++++ Supplied records

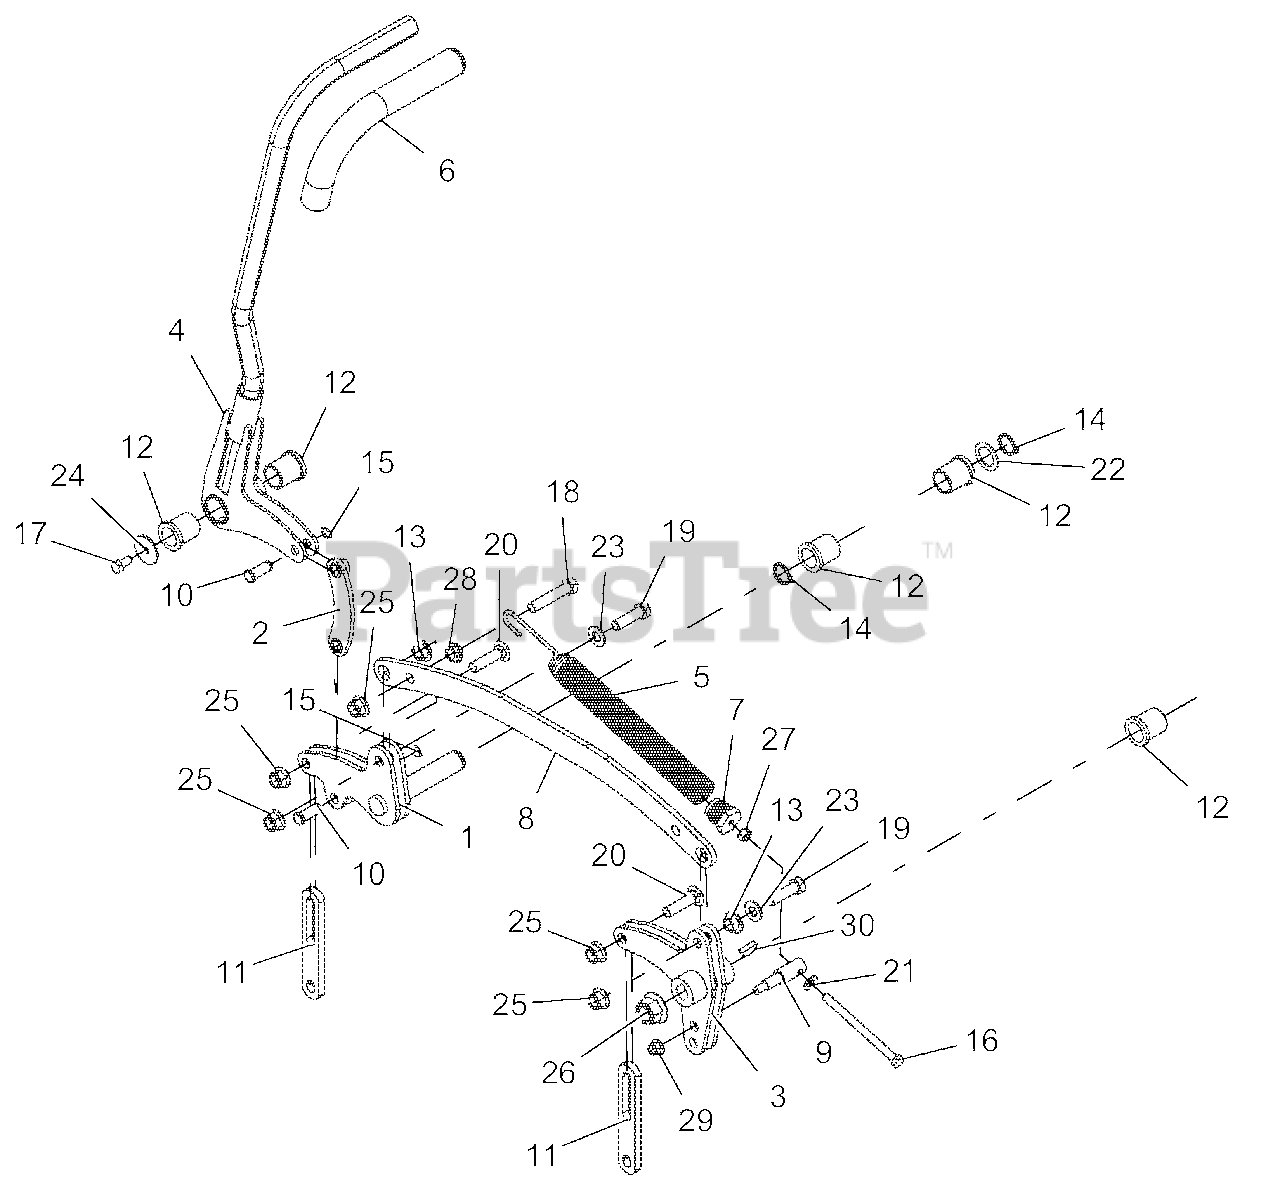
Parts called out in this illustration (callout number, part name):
1	WLDMT, DECK LIFT PROSTANCE
2	WLDMT, DECK LIFT LINK
3	WLDMT, TAPERED HUB PROSTANCE (BLACK)
4	WLDMT, HANDLE PROPANE LIFT
5	SPRG, DECK LIFT
6	GRIP, HANDLEBAR
7	PLUG, SPRG
8	ARM, DECK LIFT
9	TRUNION, DECK LIFT
10	PIN, CLEVIS .500 SNAP RING
11	LINK, DECK LIFT - LONG
12	BSHG-FLG 1.00X1.25X1.5X1.5
13	BSHG, FLANGE .515X.750X.420X1.12
14	RG-RTNG-EXT 1.00X.078
15	RG-RTNG-EXT .500x.050
16	BLT-HEX .38-16X5.00 GR5 YWZC
17	BLT-HEX .38-16X.75 GR5 YWZC
18	BLT-HEX .50-13X2.50 GR5 YWZC
19	BLT-HEX .50-13X1.75 GR5 YWZC
20	BLT-RDHDSQNK .50-13X2.00 G5 Y
21	WSHR-FL-STL.406X.812X.065 YWZ
22	WSHR-FL-STL 1.010X1.505X.062 YWZC
23	WSHR-FL-STL.531X1.06X.095YWZC
24	WSHR-FL-STL .380X1.50X.125 YWZC
25	NUT-LK-NYL-FLG .50-13 YWZC
26	NUT-LK-NYL-FLG .75-10 YWZC
27	NUT-HEX .38-16 YWZC
28	NUT .50-13 WIZ FLANGE
29	NUT-LK-NYL-FLG .38-16 YWZC
30	KEY, WDRF .25 X 1.00 HRD #15
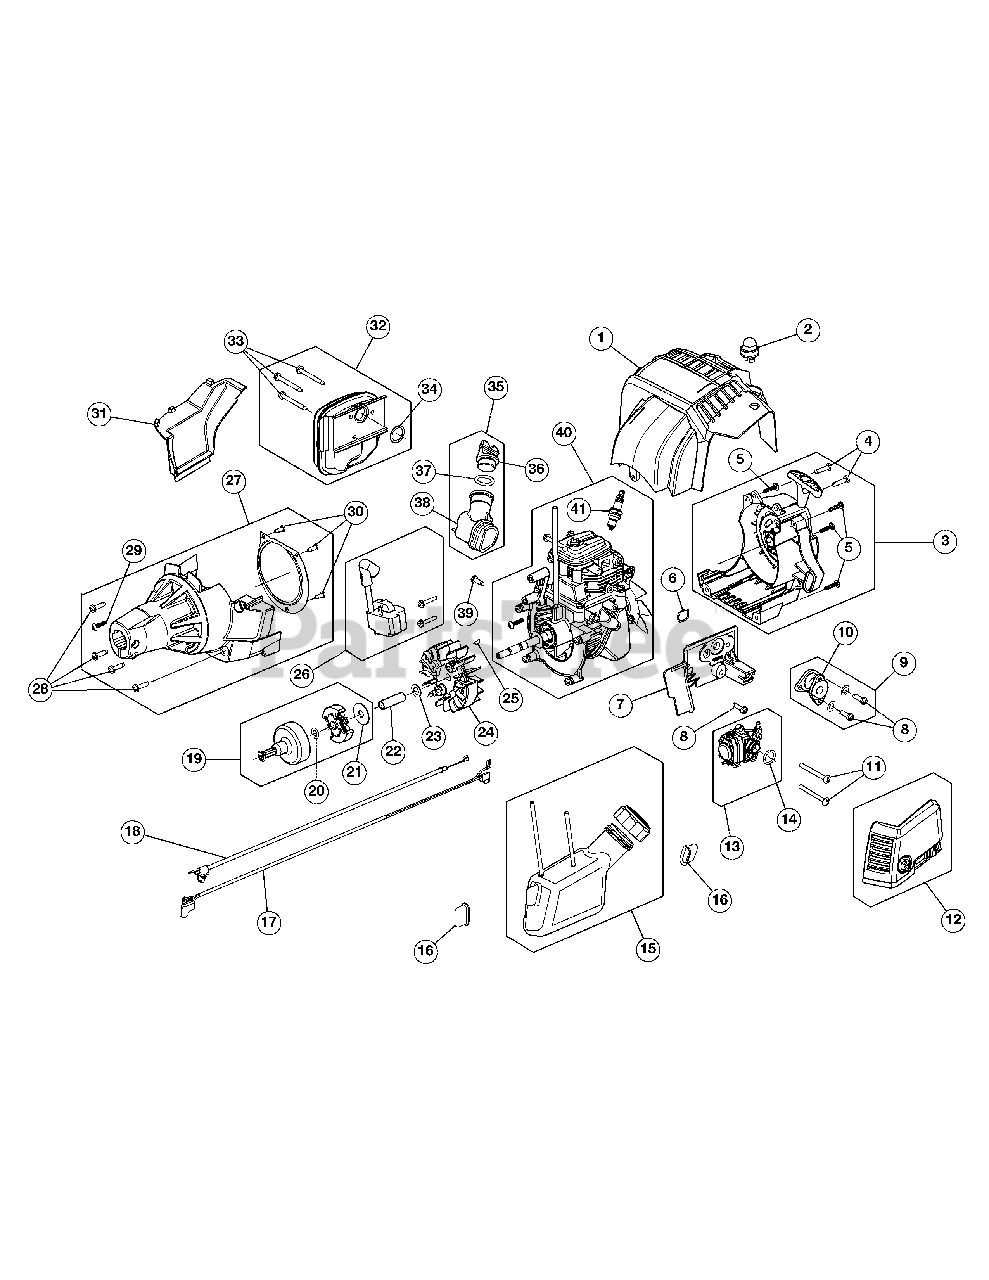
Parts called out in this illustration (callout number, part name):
1	Top Housing
2	Air Purge Primer
3	Starter Housing Assembly (Incl. 4 & 5)
6	O-Ring
7	Intake Port
8	Screw
9	Boot Assembly (Incl. 8 & 10)
10	Boot
12	Air Cleaner Assembly
12	Air Filter
13	Carburetor Assembly (Incl. 14)
15	Fuel Tank Assembly
16	Fuel Tank Pad
17	Lead Wire
18	Throttle Cable
19	Clutch Assembly (Incl. 20 & 21)
20	Thrust Washer
21	Clutch Washer
22	Spacer
23	Washer
24	Flywheel
26	Module Assembly
27	Clutch Cover Assembly (Incl. 28-30)
30	Screw
31	Rear Engine Cover
32	Muffler Assembly (Incl. 33 & 34)
33	Screw
34	Muffler Gasket
35	Oil Fill Tube Assembly (Incl. 36-38)
36	Oil Fill Plug
37	O-Ring
38	Oil Fill Tube
39	Screw
40	Shortblock Assembly (Incl. 41)
41	Spark Plug
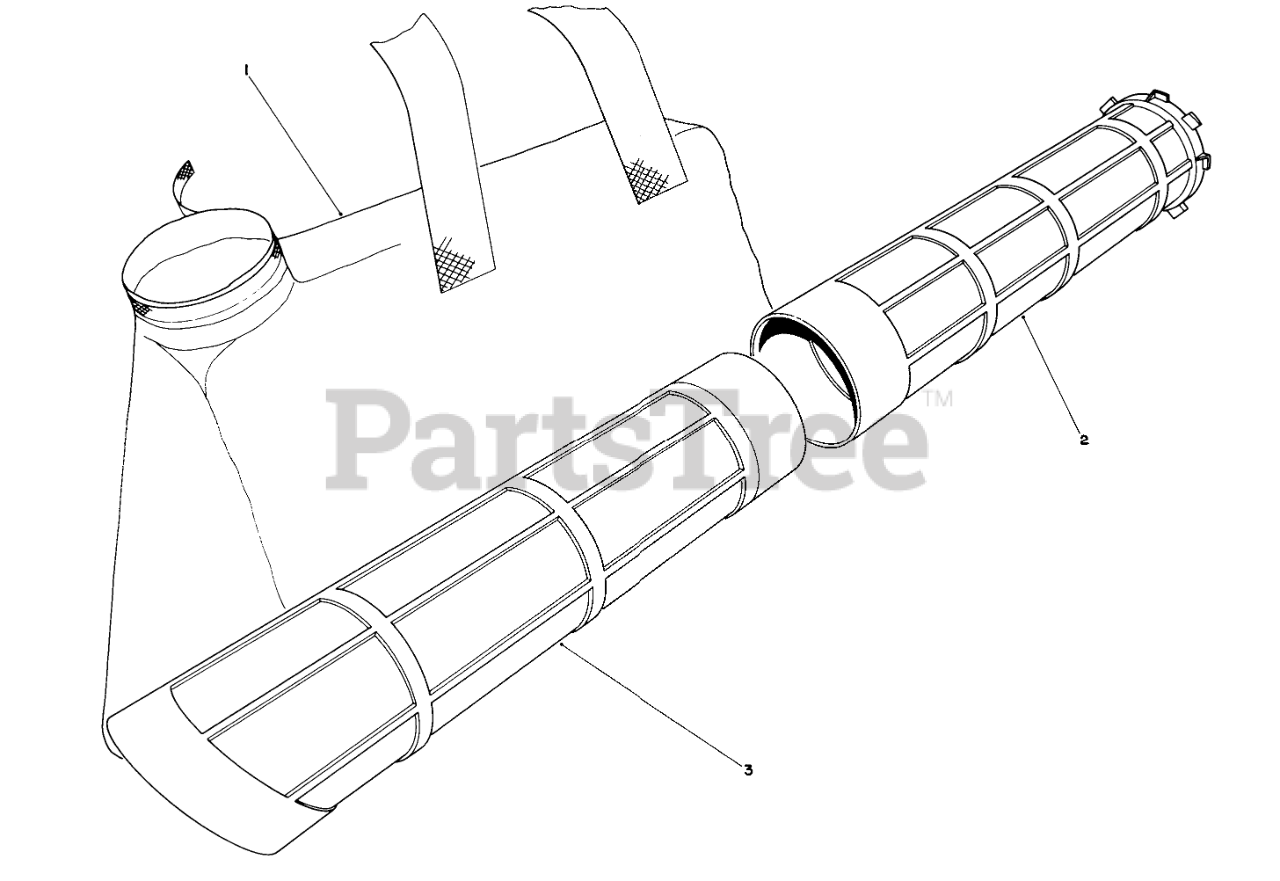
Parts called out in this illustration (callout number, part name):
1	Bag-Vacuum
2	Tube-Upper Vacuum
3	Tube-Lower Vacuum

++++++++

● **What you will do**: Reproduce each line of the records exactly, omitting any picture.

● **Written response**:
Parts called out in this illustration (callout number, part name):
1	WLDMT, DECK LIFT PROSTANCE
2	WLDMT, DECK LIFT LINK
3	WLDMT, TAPERED HUB PROSTANCE (BLACK)
4	WLDMT, HANDLE PROPANE LIFT
5	SPRG, DECK LIFT
6	GRIP, HANDLEBAR
7	PLUG, SPRG
8	ARM, DECK LIFT
9	TRUNION, DECK LIFT
10	PIN, CLEVIS .500 SNAP RING
11	LINK, DECK LIFT - LONG
12	BSHG-FLG 1.00X1.25X1.5X1.5
13	BSHG, FLANGE .515X.750X.420X1.12
14	RG-RTNG-EXT 1.00X.078
15	RG-RTNG-EXT .500x.050
16	BLT-HEX .38-16X5.00 GR5 YWZC
17	BLT-HEX .38-16X.75 GR5 YWZC
18	BLT-HEX .50-13X2.50 GR5 YWZC
19	BLT-HEX .50-13X1.75 GR5 YWZC
20	BLT-RDHDSQNK .50-13X2.00 G5 Y
21	WSHR-FL-STL.406X.812X.065 YWZ
22	WSHR-FL-STL 1.010X1.505X.062 YWZC
23	WSHR-FL-STL.531X1.06X.095YWZC
24	WSHR-FL-STL .380X1.50X.125 YWZC
25	NUT-LK-NYL-FLG .50-13 YWZC
26	NUT-LK-NYL-FLG .75-10 YWZC
27	NUT-HEX .38-16 YWZC
28	NUT .50-13 WIZ FLANGE
29	NUT-LK-NYL-FLG .38-16 YWZC
30	KEY, WDRF .25 X 1.00 HRD #15
Parts called out in this illustration (callout number, part name):
1	Top Housing
2	Air Purge Primer
3	Starter Housing Assembly (Incl. 4 & 5)
6	O-Ring
7	Intake Port
8	Screw
9	Boot Assembly (Incl. 8 & 10)
10	Boot
12	Air Cleaner Assembly
12	Air Filter
13	Carburetor Assembly (Incl. 14)
15	Fuel Tank Assembly
16	Fuel Tank Pad
17	Lead Wire
18	Throttle Cable
19	Clutch Assembly (Incl. 20 & 21)
20	Thrust Washer
21	Clutch Washer
22	Spacer
23	Washer
24	Flywheel
26	Module Assembly
27	Clutch Cover Assembly (Incl. 28-30)
30	Screw
31	Rear Engine Cover
32	Muffler Assembly (Incl. 33 & 34)
33	Screw
34	Muffler Gasket
35	Oil Fill Tube Assembly (Incl. 36-38)
36	Oil Fill Plug
37	O-Ring
38	Oil Fill Tube
39	Screw
40	Shortblock Assembly (Incl. 41)
41	Spark Plug
Parts called out in this illustration (callout number, part name):
1	Bag-Vacuum
2	Tube-Upper Vacuum
3	Tube-Lower Vacuum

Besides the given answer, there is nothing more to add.